▶ What the exercise asks: In the entries below, count the lines holding "DIRECTION". Reply with the number only.

▶ Material for this task:
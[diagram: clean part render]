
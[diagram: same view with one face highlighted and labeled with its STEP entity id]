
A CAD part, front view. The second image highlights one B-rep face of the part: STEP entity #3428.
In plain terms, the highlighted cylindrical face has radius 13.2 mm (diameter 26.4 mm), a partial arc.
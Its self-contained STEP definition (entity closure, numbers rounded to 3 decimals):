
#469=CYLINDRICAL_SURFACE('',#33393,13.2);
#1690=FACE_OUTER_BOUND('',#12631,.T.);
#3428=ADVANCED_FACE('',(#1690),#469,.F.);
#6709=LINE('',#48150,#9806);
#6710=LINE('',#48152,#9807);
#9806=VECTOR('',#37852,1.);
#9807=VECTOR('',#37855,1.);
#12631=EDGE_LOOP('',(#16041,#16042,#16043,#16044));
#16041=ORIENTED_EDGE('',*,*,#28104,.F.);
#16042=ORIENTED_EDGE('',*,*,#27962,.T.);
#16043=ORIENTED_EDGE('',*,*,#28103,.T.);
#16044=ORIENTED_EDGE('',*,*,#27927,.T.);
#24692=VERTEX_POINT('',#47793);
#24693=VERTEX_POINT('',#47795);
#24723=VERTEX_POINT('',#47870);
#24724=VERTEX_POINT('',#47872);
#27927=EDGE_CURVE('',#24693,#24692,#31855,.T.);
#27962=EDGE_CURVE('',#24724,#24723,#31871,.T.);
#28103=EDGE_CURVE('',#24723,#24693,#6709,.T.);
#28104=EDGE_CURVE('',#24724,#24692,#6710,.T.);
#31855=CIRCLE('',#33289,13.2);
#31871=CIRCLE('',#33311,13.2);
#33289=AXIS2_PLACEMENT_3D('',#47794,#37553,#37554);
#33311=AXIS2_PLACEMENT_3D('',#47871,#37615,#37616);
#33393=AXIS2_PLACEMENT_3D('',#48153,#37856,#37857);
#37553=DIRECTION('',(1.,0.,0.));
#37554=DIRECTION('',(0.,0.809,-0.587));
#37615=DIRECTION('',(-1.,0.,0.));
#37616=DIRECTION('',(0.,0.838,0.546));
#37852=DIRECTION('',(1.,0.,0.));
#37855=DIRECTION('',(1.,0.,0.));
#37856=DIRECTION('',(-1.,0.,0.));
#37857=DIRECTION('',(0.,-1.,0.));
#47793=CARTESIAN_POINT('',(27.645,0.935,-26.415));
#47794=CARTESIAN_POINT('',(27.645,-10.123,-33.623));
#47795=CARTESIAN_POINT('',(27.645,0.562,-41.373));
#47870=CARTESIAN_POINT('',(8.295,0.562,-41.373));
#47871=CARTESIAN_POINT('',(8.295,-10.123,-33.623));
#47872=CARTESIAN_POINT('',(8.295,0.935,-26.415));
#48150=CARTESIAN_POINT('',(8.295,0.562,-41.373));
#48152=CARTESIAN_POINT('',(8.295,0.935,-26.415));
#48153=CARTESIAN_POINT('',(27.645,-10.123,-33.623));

▶ Result of the exercise: 8